I'm posing this in the hope that it can save someone else with a BR500 or BR600. I've spent so many hours trying to solve this and the internet was not quick to point to the correct solution.

So I bought a used BR600 for $200 that would not start figured it would be an easy project. Found the fuel pickup hose had fallen off the inside of the tank plug, took the time to replace all the fuel lines and and the blower fired up on the first pull, idled great and came up to power well. Seemed like a full on win. But after running WOT for maybe 3-5 minutes it would start to miss and then just die like you had pressed the kill switch. But then it would again start first pull, idle great and then run WOT for maybe one minute. In retrospect it's heat related which is why you get less good run time each start as the coil heats up.
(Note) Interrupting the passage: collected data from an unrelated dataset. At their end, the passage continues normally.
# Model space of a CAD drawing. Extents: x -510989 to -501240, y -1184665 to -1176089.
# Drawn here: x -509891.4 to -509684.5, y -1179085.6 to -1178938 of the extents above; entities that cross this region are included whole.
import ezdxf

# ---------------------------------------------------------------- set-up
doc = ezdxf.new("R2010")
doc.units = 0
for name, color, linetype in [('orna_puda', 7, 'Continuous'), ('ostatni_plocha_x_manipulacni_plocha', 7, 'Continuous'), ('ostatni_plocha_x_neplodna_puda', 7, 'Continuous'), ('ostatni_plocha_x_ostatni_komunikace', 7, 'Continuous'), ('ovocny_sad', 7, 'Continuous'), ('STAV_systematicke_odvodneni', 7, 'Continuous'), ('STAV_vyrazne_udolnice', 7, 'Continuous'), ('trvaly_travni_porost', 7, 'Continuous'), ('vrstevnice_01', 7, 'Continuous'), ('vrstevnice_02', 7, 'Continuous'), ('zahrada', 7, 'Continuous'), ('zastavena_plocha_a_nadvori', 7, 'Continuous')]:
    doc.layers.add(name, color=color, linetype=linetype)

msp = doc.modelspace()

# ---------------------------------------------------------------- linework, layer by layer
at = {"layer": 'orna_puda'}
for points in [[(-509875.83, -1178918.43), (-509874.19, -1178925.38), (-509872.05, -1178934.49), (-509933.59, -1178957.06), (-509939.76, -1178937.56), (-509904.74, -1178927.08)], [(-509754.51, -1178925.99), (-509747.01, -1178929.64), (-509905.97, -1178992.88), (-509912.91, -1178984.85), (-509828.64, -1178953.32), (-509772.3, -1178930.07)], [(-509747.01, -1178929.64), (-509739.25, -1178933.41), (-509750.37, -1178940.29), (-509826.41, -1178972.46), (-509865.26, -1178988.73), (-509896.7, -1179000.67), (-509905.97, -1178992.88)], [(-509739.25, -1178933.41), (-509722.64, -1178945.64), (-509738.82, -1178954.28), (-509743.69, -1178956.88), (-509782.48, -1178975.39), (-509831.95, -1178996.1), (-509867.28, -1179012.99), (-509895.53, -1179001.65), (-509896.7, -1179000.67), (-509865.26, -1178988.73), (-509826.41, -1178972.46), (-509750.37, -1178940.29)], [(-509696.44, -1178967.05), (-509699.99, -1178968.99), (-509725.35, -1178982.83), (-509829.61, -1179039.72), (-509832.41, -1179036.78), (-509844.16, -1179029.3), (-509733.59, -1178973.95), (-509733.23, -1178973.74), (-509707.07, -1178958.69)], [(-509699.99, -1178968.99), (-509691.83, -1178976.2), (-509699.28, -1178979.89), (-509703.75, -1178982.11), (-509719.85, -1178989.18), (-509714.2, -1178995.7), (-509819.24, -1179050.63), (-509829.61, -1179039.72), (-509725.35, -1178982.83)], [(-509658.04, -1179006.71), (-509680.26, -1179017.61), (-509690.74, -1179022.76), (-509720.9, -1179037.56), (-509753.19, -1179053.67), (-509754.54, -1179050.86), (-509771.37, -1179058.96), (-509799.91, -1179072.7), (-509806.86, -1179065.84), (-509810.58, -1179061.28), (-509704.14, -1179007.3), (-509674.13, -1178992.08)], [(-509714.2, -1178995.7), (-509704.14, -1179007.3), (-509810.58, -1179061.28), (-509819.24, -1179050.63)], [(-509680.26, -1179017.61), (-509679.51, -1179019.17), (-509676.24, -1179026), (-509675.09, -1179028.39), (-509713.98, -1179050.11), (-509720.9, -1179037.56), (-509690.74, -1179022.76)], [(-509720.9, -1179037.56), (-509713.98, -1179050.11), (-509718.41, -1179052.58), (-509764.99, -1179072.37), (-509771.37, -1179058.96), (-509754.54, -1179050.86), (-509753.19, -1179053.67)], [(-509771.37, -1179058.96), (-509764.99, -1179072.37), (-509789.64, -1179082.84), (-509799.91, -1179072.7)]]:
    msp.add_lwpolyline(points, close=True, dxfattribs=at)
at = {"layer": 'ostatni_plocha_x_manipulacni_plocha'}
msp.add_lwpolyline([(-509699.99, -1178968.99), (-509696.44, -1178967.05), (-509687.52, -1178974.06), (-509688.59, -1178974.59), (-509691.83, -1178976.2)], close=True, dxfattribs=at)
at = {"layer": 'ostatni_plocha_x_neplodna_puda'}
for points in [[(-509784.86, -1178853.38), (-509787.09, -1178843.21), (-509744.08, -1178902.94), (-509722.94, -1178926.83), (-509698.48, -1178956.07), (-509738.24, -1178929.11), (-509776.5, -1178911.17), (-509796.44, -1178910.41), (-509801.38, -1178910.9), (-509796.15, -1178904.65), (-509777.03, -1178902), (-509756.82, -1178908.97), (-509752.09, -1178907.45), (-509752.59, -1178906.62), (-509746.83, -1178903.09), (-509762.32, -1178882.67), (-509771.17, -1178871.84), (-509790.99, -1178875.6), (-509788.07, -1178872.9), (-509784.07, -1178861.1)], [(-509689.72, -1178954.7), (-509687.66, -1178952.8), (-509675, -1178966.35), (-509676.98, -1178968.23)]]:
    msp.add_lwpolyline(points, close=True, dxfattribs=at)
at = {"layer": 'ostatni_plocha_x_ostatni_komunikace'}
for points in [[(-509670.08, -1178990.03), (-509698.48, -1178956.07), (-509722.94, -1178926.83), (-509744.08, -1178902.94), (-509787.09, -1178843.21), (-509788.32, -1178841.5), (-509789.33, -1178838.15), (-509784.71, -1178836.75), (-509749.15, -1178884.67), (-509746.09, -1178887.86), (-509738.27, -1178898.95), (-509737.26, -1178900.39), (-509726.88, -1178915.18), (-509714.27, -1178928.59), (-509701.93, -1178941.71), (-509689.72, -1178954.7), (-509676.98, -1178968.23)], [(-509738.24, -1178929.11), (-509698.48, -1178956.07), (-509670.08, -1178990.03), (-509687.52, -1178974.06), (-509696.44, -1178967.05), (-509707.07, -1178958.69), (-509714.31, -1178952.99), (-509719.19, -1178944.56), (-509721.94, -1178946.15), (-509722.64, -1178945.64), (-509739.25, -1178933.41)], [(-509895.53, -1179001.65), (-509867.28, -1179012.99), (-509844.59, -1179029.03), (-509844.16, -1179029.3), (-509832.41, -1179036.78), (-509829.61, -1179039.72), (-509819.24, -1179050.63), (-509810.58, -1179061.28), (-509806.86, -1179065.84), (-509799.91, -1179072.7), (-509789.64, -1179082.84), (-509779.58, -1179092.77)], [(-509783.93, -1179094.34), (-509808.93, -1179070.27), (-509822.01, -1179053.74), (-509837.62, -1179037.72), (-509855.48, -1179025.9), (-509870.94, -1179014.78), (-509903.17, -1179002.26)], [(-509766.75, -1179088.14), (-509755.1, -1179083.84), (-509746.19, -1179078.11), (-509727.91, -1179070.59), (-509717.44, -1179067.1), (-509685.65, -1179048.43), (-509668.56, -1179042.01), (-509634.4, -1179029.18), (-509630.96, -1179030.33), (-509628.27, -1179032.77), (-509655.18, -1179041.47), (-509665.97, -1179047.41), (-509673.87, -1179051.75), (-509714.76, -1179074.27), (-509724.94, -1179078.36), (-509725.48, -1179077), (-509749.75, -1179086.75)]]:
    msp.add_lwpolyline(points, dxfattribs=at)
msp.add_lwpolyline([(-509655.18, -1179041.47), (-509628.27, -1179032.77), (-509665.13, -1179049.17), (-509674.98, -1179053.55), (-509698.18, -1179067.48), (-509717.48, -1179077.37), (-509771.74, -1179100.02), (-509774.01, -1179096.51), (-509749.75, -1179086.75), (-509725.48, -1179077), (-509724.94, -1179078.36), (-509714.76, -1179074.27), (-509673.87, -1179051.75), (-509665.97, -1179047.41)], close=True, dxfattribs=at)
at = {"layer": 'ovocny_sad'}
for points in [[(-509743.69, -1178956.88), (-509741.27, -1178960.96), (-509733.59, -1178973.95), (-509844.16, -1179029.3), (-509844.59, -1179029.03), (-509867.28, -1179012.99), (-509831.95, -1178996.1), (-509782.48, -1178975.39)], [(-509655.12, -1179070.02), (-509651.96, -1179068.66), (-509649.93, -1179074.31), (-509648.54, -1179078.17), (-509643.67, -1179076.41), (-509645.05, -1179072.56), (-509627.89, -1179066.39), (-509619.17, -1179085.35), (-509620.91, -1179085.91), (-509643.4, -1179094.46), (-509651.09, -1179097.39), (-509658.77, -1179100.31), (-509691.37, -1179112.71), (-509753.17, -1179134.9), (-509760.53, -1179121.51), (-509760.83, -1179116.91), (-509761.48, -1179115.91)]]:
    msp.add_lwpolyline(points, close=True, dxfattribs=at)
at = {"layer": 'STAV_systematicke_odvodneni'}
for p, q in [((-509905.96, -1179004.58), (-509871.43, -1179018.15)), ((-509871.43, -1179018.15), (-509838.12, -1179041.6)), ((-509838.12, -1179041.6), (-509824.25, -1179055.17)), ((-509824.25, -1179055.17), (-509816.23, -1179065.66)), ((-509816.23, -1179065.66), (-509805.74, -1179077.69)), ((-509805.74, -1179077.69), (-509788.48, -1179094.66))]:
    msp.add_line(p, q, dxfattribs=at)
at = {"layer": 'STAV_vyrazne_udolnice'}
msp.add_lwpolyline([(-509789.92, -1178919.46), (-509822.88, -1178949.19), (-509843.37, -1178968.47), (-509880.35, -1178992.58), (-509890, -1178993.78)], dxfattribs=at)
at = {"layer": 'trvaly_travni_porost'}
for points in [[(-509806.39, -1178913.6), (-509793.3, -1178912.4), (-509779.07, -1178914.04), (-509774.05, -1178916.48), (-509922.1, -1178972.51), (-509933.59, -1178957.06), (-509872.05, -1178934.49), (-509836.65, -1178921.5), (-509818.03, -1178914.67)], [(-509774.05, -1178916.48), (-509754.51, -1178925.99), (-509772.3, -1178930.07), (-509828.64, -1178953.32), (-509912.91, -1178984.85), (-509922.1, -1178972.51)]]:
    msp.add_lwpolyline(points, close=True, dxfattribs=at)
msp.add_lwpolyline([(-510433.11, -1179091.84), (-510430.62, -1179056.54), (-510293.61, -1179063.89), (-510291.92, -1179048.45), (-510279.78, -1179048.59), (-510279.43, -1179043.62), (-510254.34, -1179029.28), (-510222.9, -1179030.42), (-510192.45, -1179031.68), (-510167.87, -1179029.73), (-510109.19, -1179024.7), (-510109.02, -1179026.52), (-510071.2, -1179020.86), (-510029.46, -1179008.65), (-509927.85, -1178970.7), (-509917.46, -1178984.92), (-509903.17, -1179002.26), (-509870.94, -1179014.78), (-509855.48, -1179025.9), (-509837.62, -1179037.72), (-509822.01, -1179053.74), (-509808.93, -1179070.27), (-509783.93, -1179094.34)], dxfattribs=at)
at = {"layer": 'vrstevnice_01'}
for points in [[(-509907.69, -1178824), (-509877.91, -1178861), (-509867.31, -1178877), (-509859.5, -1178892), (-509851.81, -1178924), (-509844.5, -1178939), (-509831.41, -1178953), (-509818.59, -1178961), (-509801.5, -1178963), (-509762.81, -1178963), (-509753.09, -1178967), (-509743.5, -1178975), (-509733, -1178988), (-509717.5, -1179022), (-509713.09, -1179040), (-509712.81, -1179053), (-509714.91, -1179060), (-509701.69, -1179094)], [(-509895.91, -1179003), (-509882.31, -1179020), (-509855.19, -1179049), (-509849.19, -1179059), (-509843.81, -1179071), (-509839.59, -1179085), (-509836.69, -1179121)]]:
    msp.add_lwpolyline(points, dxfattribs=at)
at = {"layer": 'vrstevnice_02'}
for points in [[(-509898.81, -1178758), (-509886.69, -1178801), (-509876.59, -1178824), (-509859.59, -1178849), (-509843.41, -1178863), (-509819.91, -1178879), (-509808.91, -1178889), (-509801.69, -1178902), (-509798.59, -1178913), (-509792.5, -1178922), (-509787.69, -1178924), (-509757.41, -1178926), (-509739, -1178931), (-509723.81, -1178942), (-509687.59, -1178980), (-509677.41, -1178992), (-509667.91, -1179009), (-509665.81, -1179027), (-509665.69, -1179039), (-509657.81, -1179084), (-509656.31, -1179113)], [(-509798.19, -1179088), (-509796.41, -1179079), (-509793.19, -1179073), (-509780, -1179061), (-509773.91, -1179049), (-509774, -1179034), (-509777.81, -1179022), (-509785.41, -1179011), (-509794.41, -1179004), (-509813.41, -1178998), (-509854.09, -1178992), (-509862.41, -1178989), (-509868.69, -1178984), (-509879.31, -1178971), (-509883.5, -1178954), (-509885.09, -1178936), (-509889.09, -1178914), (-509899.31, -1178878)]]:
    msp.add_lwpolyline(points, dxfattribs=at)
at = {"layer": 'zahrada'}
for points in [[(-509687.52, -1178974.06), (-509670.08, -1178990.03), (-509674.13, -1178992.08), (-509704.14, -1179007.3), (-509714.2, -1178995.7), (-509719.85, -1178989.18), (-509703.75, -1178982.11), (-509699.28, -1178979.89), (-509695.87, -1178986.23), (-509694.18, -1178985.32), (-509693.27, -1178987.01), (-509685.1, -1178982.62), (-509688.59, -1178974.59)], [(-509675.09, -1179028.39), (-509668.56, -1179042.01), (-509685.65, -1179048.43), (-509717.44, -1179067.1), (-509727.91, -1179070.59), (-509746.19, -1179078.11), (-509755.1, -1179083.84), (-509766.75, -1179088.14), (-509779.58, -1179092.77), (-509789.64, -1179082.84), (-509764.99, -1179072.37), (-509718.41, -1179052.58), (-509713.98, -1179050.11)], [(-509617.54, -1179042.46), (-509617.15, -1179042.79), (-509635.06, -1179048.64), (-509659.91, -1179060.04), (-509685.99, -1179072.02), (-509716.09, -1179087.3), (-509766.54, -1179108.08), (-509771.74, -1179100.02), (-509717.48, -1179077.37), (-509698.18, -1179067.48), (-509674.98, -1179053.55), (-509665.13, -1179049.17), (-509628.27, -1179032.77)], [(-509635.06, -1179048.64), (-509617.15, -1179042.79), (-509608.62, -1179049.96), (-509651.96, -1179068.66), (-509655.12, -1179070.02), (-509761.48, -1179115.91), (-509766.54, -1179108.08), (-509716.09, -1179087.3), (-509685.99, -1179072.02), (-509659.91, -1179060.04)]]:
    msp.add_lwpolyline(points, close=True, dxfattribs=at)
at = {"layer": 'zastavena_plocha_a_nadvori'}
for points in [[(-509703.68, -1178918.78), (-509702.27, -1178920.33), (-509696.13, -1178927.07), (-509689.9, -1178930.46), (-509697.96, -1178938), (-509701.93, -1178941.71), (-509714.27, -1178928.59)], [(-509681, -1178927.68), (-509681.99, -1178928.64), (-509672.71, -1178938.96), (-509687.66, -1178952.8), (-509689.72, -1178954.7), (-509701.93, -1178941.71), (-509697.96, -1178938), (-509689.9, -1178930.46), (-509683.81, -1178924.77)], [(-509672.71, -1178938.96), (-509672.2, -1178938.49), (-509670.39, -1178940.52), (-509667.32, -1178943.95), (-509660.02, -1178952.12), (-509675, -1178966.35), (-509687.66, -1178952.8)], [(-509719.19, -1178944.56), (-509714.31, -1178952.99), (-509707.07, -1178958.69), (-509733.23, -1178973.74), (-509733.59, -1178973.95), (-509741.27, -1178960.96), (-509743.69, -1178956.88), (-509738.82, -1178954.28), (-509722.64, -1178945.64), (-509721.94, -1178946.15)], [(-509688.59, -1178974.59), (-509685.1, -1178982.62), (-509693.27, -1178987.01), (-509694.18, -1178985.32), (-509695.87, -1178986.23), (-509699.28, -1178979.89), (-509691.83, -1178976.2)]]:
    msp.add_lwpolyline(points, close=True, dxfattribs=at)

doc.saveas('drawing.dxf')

I cleaned the carb, put in a new plug, did a carb rebuild kit, gapped the coil, adjusted the valve clearance all the no avail. The only thing left was the coil which the local dealer wanted $116 for, this made me keep trying other things for a few days including aftermarket coils from Amazon. They all had bad reviews but for $16 and free returns it was worth a shot. The bad reviews were right, the blower would not ever start with this coil. From what I could find there are zero 3rd party coils for this blower.

Here are pics of what my bad coil looked like. I found one YouTube video mentioning that Stihl coils with clear potting compound were an issue and the new ones have black potting. So I took a $116 gamble on a new coil from a dealer and instantly fixed the issue. I ran two full tanks of fuel yesterday with zero issues. When I was buying the new coil I asked the parts guy if this was a common issue and he reflexively said no, then as he was in the computer checking me out he said "well it does look like I sell a couple of these every few months so maybe it is an issue"

So if you are having issues like this and you have a clear potted coil, don't waste your time looking for 3rd party coils, suck it up and get an OEM one. It does look like they are on ebay for around $90 if you are not in a hurry and can wait for shipping.


----------



## Automender (Dec 15, 2021)

I was looking at a BR600 that was being sold for $100 and the seller said in the post that it failed and it cost $200 to have it fixed. It was doing it again and he was not going to spend another $200 to fix it again so he was going to sell it. Sounds like he may have had a similar issue.


----------



## angelo c (Dec 15, 2021)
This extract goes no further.